The 'G' Man

From Grocery Delivery Boy to the U-Dub

It is a series of communities--a blue-collar section of Baltimore; the academic environments of Johns Hopkins, Illinois and the UW; the wartime Navy; and the research labs of the NIH--that molded an affable grocery delivery boy into a Nobel prize laureate.

Born in 1925, Rodbell lived above his father's small grocery store in Baltimore. "I worked in the store when I was old enough, filling shelves, writing orders and delivering groceries with my little red wagon," Rodbell recalls. His parents were not intellectuals and had never attended college, but they instilled in him a yearning for knowledge, he says, and a respect for teachers.

At school, "Marty was not a teacher's pet and he wasn't a grunge, but he was regarded as one of the smart kids," recalls Rodbell's childhood friend, Neal Zierler. "He was just a great kid, a warm and charming fellow."

Rodbell, Zierler and a third friend, Angus McDonald, gradually became interested in science and math. Rodbell couldn't have a chemistry set in the basement--it was the storeroom for the grocery shop. "Neal had all the equipment," he says. "We used to try to blow up things and watch mixtures change colors in his basement sink."

"Angus and I were very interested in math and science, Marty less so," Zierler recalls. "Maybe it rubbed off a little bit on him."

In junior high, a math teacher took a liking to the threesome. "Mr. Lundberg knew the three of us could do algebra. He had us come in after class every day and gave us lists of algebraic problems to do," Rodbell remembers. "The three of us weren't that competitive. We just enjoyed doing those problems."

The three attended a boys-only, public high school patterned after Eastern prep schools. There was a great emphasis on languages and hardly any science--there wasn't even a physics course. Rodbell was torn between his love of languages--especially French--and his love of science.

"There were economic and cultural pressures that prevented me from going into French," Rodbell says. "My father probably would have kicked me out of the house if I had told him I was going to be a French professor. It was always, `Why don't you become a doctor?' "

That decision had to be delayed anyway. In 1943, Rodbell enrolled at Johns Hopkins as a sophomore, thanks to high school work that was worth almost two years of college. But he got his draft notice soon after he turned 18. "They realized because of my eyesight I should not be put on active duty. Anyone who saw me on a firing range said, `That guy shouldn't have a gun in his hands,' " Rodbell recalls.

Being a Jew, he felt the first priority was to fight Hitler. But the Navy sent him to the Pacific instead. He graduated at the top of his class in radio school and thought he would have a cushy job aboard a ship or in the rear lines.

"Instead I was posted to the Marines. I was loaded with radio equipment--it must have weighted 100 pounds on my back--and told I was going in on the second or third wave."

He was part of a landing in the Philippines, not under direct fire from the Japanese, but in a dangerous place. "I can tell you it was pretty scary to be in the middle of a jungle, especially for someone coming from Baltimore," he says.

In that jungle he got malaria and after his recovery spent the rest of the war in ships' radio rooms. Like most World War Il veterans, it was experience that changed his world view. "It had an enormous impact on me. We were a collection of people from all walks of like and backgrounds. There was a real sense of comradeship," he says.

At the war's end his ship docked in Seattle, where he spent a month before he was discharged. "I spent time in California too. I found that I really liked the West." He kept those impressions in mind when he returned to Johns Hopkins.

His family still wanted him to be a doctor, so Rodbell started in pre-med.
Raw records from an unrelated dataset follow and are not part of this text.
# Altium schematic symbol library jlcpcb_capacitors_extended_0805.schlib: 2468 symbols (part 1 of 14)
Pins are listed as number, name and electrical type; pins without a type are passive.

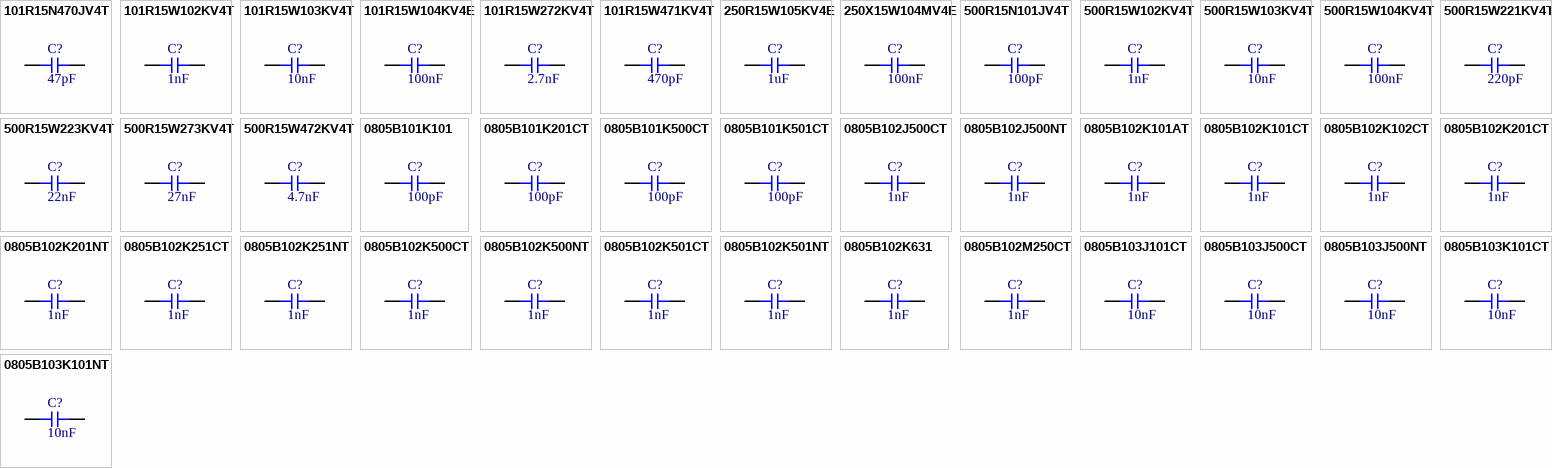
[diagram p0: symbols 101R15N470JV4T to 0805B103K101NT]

## 101R15N470JV4T
designator C?  Capacitance: 47pF  (hidden comment: *)
Capacitor, Ceramic (MLCC), 47pF, ±5%, 100V, NP0, ±5%, SMD 0805; Manufacturer: Johanson Dielectrics; Manufacturer Part Number: 101R15N470JV4T
footprint CAP-0805 (0805 (2012M) Capacitor)
pins: 1, 2

## 101R15W102KV4T
designator C?  Capacitance: 1nF  (hidden comment: *)
Capacitor, Ceramic (MLCC), 1nF, ±10%, 100V, X7R, ±10%, SMD 0805; Manufacturer: Johanson Dielectrics; Manufacturer Part Number: 101R15W102KV4T
footprint CAP-0805 (0805 (2012M) Capacitor)
pins: 1, 2

## 101R15W103KV4T
designator C?  Capacitance: 10nF  (hidden comment: *)
Capacitor, Ceramic (MLCC), 10nF, ±10%, 100V, X7R, ±10%, SMD 0805; Manufacturer: Johanson Dielectrics; Manufacturer Part Number: 101R15W103KV4T
footprint CAP-0805 (0805 (2012M) Capacitor)
pins: 1, 2

## 101R15W104KV4E
designator C?  Capacitance: 100nF  (hidden comment: *)
Capacitor, Ceramic (MLCC), 100nF, ±10%, 100V, X7R, ±10%, SMD 0805; Manufacturer: Johanson Dielectrics; Manufacturer Part Number: 101R15W104KV4E
footprint CAP-0805 (0805 (2012M) Capacitor)
pins: 1, 2

## 101R15W272KV4T
designator C?  Capacitance: 2.7nF  (hidden comment: *)
Capacitor, Ceramic (MLCC), 2.7nF, ±10%, 100V, X7R, ±10%, SMD 0805; Manufacturer: Johanson Dielectrics; Manufacturer Part Number: 101R15W272KV4T
footprint CAP-0805 (0805 (2012M) Capacitor)
pins: 1, 2

## 101R15W471KV4T
designator C?  Capacitance: 470pF  (hidden comment: *)
Capacitor, Ceramic (MLCC), 470pF, ±10%, 100V, X7R, ±10%, SMD 0805; Manufacturer: Johanson Dielectrics; Manufacturer Part Number: 101R15W471KV4T
footprint CAP-0805 (0805 (2012M) Capacitor)
pins: 1, 2

## 250R15W105KV4E
designator C?  Capacitance: 1uF  (hidden comment: *)
Capacitor, Ceramic (MLCC), 1uF, ±10%, 25V, X7R, ±10%, SMD 0805; Manufacturer: Johanson Dielectrics; Manufacturer Part Number: 250R15W105KV4E
footprint CAP-0805 (0805 (2012M) Capacitor)
pins: 1, 2

## 250X15W104MV4E
designator C?  Capacitance: 100nF  (hidden comment: *)
Capacitor, Ceramic (MLCC), 100nF, ±20%, 25V, X7R, ±20%, SMD 0805; Manufacturer: Johanson Dielectrics; Manufacturer Part Number: 250X15W104MV4E
footprint CAP-0805 (0805 (2012M) Capacitor)
pins: 1, 2

## 500R15N101JV4T
designator C?  Capacitance: 100pF  (hidden comment: *)
Capacitor, Ceramic (MLCC), 100pF, ±5%, 50V, NP0, ±5%, SMD 0805; Manufacturer: Johanson Dielectrics; Manufacturer Part Number: 500R15N101JV4T
footprint CAP-0805 (0805 (2012M) Capacitor)
pins: 1, 2

## 500R15W102KV4T
designator C?  Capacitance: 1nF  (hidden comment: *)
Capacitor, Ceramic (MLCC), 1nF, ±10%, 50V, X7R, ±10%, SMD 0805; Manufacturer: Johanson Dielectrics; Manufacturer Part Number: 500R15W102KV4T
footprint CAP-0805 (0805 (2012M) Capacitor)
pins: 1, 2

## 500R15W103KV4T
designator C?  Capacitance: 10nF  (hidden comment: *)
Capacitor, Ceramic (MLCC), 10nF, ±10%, 50V, X7R, ±10%, SMD 0805; Manufacturer: Johanson Dielectrics; Manufacturer Part Number: 500R15W103KV4T
footprint CAP-0805 (0805 (2012M) Capacitor)
pins: 1, 2

## 500R15W104KV4T
designator C?  Capacitance: 100nF  (hidden comment: *)
Capacitor, Ceramic (MLCC), 100nF, ±10%, 50V, X7R, ±10%, SMD 0805; Manufacturer: Johanson Dielectrics; Manufacturer Part Number: 500R15W104KV4T
footprint CAP-0805 (0805 (2012M) Capacitor)
pins: 1, 2

## 500R15W221KV4T
designator C?  Capacitance: 220pF  (hidden comment: *)
Capacitor, Ceramic (MLCC), 220pF, ±10%, 50V, X7R, ±10%, SMD 0805; Manufacturer: Johanson Dielectrics; Manufacturer Part Number: 500R15W221KV4T
footprint CAP-0805 (0805 (2012M) Capacitor)
pins: 1, 2

## 500R15W223KV4T
designator C?  Capacitance: 22nF  (hidden comment: *)
Capacitor, Ceramic (MLCC), 22nF, ±10%, 50V, X7R, ±10%, SMD 0805; Manufacturer: Johanson Dielectrics; Manufacturer Part Number: 500R15W223KV4T
footprint CAP-0805 (0805 (2012M) Capacitor)
pins: 1, 2

## 500R15W273KV4T
designator C?  Capacitance: 27nF  (hidden comment: *)
Capacitor, Ceramic (MLCC), 27nF, ±10%, 50V, X7R, ±10%, SMD 0805; Manufacturer: Johanson Dielectrics; Manufacturer Part Number: 500R15W273KV4T
footprint CAP-0805 (0805 (2012M) Capacitor)
pins: 1, 2

## 500R15W472KV4T
designator C?  Capacitance: 4.7nF  (hidden comment: *)
Capacitor, Ceramic (MLCC), 4.7nF, ±10%, 50V, X7R, ±10%, SMD 0805; Manufacturer: Johanson Dielectrics; Manufacturer Part Number: 500R15W472KV4T
footprint CAP-0805 (0805 (2012M) Capacitor)
pins: 1, 2

## 0805B101K101
designator C?  Capacitance: 100pF  (hidden comment: *)
Capacitor, Ceramic (MLCC), 100pF, ±10%, 100V, X7R, ±10%, SMD 0805; Manufacturer: Walsin Tech Corp; Manufacturer Part Number: 0805B101K101
footprint CAP-0805 (0805 (2012M) Capacitor)
pins: 1, 2

## 0805B101K201CT
designator C?  Capacitance: 100pF  (hidden comment: *)
Capacitor, Ceramic (MLCC), 100pF, ±10%, 200V, X7R, ±10%, SMD 0805; Manufacturer: Walsin Tech Corp; Manufacturer Part Number: 0805B101K201CT
footprint CAP-0805 (0805 (2012M) Capacitor)
pins: 1, 2

## 0805B101K500CT
designator C?  Capacitance: 100pF  (hidden comment: *)
Capacitor, Ceramic (MLCC), 100pF, ±10%, 50V, X7R, ±10%, SMD 0805; Manufacturer: Walsin Tech Corp; Manufacturer Part Number: 0805B101K500CT
footprint CAP-0805 (0805 (2012M) Capacitor)
pins: 1, 2

## 0805B101K501CT
designator C?  Capacitance: 100pF  (hidden comment: *)
Capacitor, Ceramic (MLCC), 100pF, ±10%, 500V, X7R, ±10%, SMD 0805; Manufacturer: Walsin Tech Corp; Manufacturer Part Number: 0805B101K501CT
footprint CAP-0805 (0805 (2012M) Capacitor)
pins: 1, 2

## 0805B102J500CT
designator C?  Capacitance: 1nF  (hidden comment: *)
Capacitor, Ceramic (MLCC), 1nF, ±5%, 50V, X7R, ±5%, SMD 0805; Manufacturer: Walsin Tech Corp; Manufacturer Part Number: 0805B102J500CT
footprint CAP-0805 (0805 (2012M) Capacitor)
pins: 1, 2

## 0805B102J500NT
designator C?  Capacitance: 1nF  (hidden comment: *)
Capacitor, Ceramic (MLCC), 1nF, ±5%, 50V, X7R, ±5%, SMD 0805; Manufacturer: FH(Guangdong Fenghua Advanced Tech); Manufacturer Part Number: 0805B102J500NT
footprint CAP-0805 (0805 (2012M) Capacitor)
pins: 1, 2

## 0805B102K101AT
designator C?  Capacitance: 1nF  (hidden comment: *)
Capacitor, Ceramic (MLCC), 1nF, ±10%, 100V, X7R, ±10%, SMD 0805; Manufacturer: FH(Guangdong Fenghua Advanced Tech); Manufacturer Part Number: 0805B102K101AT
footprint CAP-0805 (0805 (2012M) Capacitor)
pins: 1, 2

## 0805B102K101CT
designator C?  Capacitance: 1nF  (hidden comment: *)
Capacitor, Ceramic (MLCC), 1nF, ±10%, 100V, X7R, ±10%, SMD 0805; Manufacturer: Walsin Tech Corp; Manufacturer Part Number: 0805B102K101CT
footprint CAP-0805 (0805 (2012M) Capacitor)
pins: 1, 2

## 0805B102K102CT
designator C?  Capacitance: 1nF  (hidden comment: *)
Capacitor, Ceramic (MLCC), 1nF, ±10%, 1kV, X7R, ±10%, SMD 0805; Manufacturer: Walsin Tech Corp; Manufacturer Part Number: 0805B102K102CT
footprint CAP-0805 (0805 (2012M) Capacitor)
pins: 1, 2

## 0805B102K201CT
designator C?  Capacitance: 1nF  (hidden comment: *)
Capacitor, Ceramic (MLCC), 1nF, ±10%, 200V, X7R, ±10%, SMD 0805; Manufacturer: Walsin Tech Corp; Manufacturer Part Number: 0805B102K201CT
footprint CAP-0805 (0805 (2012M) Capacitor)
pins: 1, 2

## 0805B102K201NT
designator C?  Capacitance: 1nF  (hidden comment: *)
Capacitor, Ceramic (MLCC), 1nF, ±10%, 200V, X7R, ±10%, SMD 0805; Manufacturer: FH(Guangdong Fenghua Advanced Tech); Manufacturer Part Number: 0805B102K201NT
footprint CAP-0805 (0805 (2012M) Capacitor)
pins: 1, 2

## 0805B102K251CT
designator C?  Capacitance: 1nF  (hidden comment: *)
Capacitor, Ceramic (MLCC), 1nF, ±10%, 250V, X7R, ±10%, SMD 0805; Manufacturer: Walsin Tech Corp; Manufacturer Part Number: 0805B102K251CT
footprint CAP-0805 (0805 (2012M) Capacitor)
pins: 1, 2

## 0805B102K251NT
designator C?  Capacitance: 1nF  (hidden comment: *)
Capacitor, Ceramic (MLCC), 1nF, ±10%, 250V, X7R, ±10%, SMD 0805; Manufacturer: FH(Guangdong Fenghua Advanced Tech); Manufacturer Part Number: 0805B102K251NT
footprint CAP-0805 (0805 (2012M) Capacitor)
pins: 1, 2

## 0805B102K500CT
designator C?  Capacitance: 1nF  (hidden comment: *)
Capacitor, Ceramic (MLCC), 1nF, ±10%, 50V, X7R, ±10%, SMD 0805; Manufacturer: Walsin Tech Corp; Manufacturer Part Number: 0805B102K500CT
footprint CAP-0805 (0805 (2012M) Capacitor)
pins: 1, 2

## 0805B102K500NT
designator C?  Capacitance: 1nF  (hidden comment: *)
Capacitor, Ceramic (MLCC), 1nF, ±10%, 50V, X7R, ±10%, SMD 0805; Manufacturer: FH(Guangdong Fenghua Advanced Tech); Manufacturer Part Number: 0805B102K500NT
footprint CAP-0805 (0805 (2012M) Capacitor)
pins: 1, 2

## 0805B102K501CT
designator C?  Capacitance: 1nF  (hidden comment: *)
Capacitor, Ceramic (MLCC), 1nF, ±10%, 500V, X7R, ±10%, SMD 0805; Manufacturer: Walsin Tech Corp; Manufacturer Part Number: 0805B102K501CT
footprint CAP-0805 (0805 (2012M) Capacitor)
pins: 1, 2

## 0805B102K501NT
designator C?  Capacitance: 1nF  (hidden comment: *)
Capacitor, Ceramic (MLCC), 1nF, ±10%, 500V, ±10%, SMD 0805; Manufacturer: FH(Guangdong Fenghua Advanced Tech); Manufacturer Part Number: 0805B102K501NT
footprint CAP-0805 (0805 (2012M) Capacitor)
pins: 1, 2

## 0805B102K631
designator C?  Capacitance: 1nF  (hidden comment: *)
Capacitor, Ceramic (MLCC), 1nF, ±10%, 630V, X7R, ±10%, SMD 0805; Manufacturer: Walsin Tech Corp; Manufacturer Part Number: 0805B102K631
footprint CAP-0805 (0805 (2012M) Capacitor)
pins: 1, 2

## 0805B102M250CT
designator C?  Capacitance: 1nF  (hidden comment: *)
Capacitor, Ceramic (MLCC), 1nF, ±20%, 25V, X7R, ±20%, SMD 0805; Manufacturer: Walsin Tech Corp; Manufacturer Part Number: 0805B102M250CT
footprint CAP-0805 (0805 (2012M) Capacitor)
pins: 1, 2

## 0805B103J101CT
designator C?  Capacitance: 10nF  (hidden comment: *)
Capacitor, Ceramic (MLCC), 10nF, ±5%, 100V, X7R, ±5%, SMD 0805; Manufacturer: Walsin Tech Corp; Manufacturer Part Number: 0805B103J101CT
footprint CAP-0805 (0805 (2012M) Capacitor)
pins: 1, 2

## 0805B103J500CT
designator C?  Capacitance: 10nF  (hidden comment: *)
Capacitor, Ceramic (MLCC), 10nF, ±5%, 50V, X7R, ±5%, SMD 0805; Manufacturer: Walsin Tech Corp; Manufacturer Part Number: 0805B103J500CT
footprint CAP-0805 (0805 (2012M) Capacitor)
pins: 1, 2

## 0805B103J500NT
designator C?  Capacitance: 10nF  (hidden comment: *)
Capacitor, Ceramic (MLCC), 10nF, ±5%, 50V, X7R, ±5%, SMD 0805; Manufacturer: FH(Guangdong Fenghua Advanced Tech); Manufacturer Part Number: 0805B103J500NT
footprint CAP-0805 (0805 (2012M) Capacitor)
pins: 1, 2

## 0805B103K101CT
designator C?  Capacitance: 10nF  (hidden comment: *)
Capacitor, Ceramic (MLCC), 10nF, ±10%, 100V, X7R, ±10%, SMD 0805; Manufacturer: Walsin Tech Corp; Manufacturer Part Number: 0805B103K101CT
footprint CAP-0805 (0805 (2012M) Capacitor)
pins: 1, 2

## 0805B103K101NT
designator C?  Capacitance: 10nF  (hidden comment: *)
Capacitor, Ceramic (MLCC), 10nF, ±10%, 100V, X7R, ±10%, SMD 0805; Manufacturer: FH(Guangdong Fenghua Advanced Tech); Manufacturer Part Number: 0805B103K101NT
footprint CAP-0805 (0805 (2012M) Capacitor)
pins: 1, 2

But he found the atmosphere too competitive. "I wasn't so easy to get in, especially if you were a Jew," he says. A turning point was a class in biology that set his course in biological research instead of a medical practice. A professor told him to specialize in biochemistry and he spent an extra year at Hopkins taking every advanced chemistry course available.


Martin Rodbell and his wife, Barbara, in their Chapel Hill, N.C. home. Photo (c)1996 Dan Sears.
It was during that time that he met his future wife, Barbara Lederman Rodbell. She was a Dutch refugee from Europe who somehow ended up in Baltimore. Her family was part of the Jewish community in Amsterdam and neighbors of the family of Anne Frank. Barbara was close to Margot Frank, while Barbara's sister, Suzanne, was one of Anne Frank's playmates and is mentioned in the famous diary.

Barbara Lederman survived the war in the Dutch underground, but lost her family to the Holocaust. After the war, Anne Frank's father, Otto, offered to take care of her. "Barbara was too old for that; she wanted to get on with her own life," Rodbell says, so she left for America. She remained in touch with Otto Frank until his death. Her memories of the Frank family and the Amsterdam Jewish community are preserved in the archives of the U.S. Holocaust Memorial Museum in Washington D.C.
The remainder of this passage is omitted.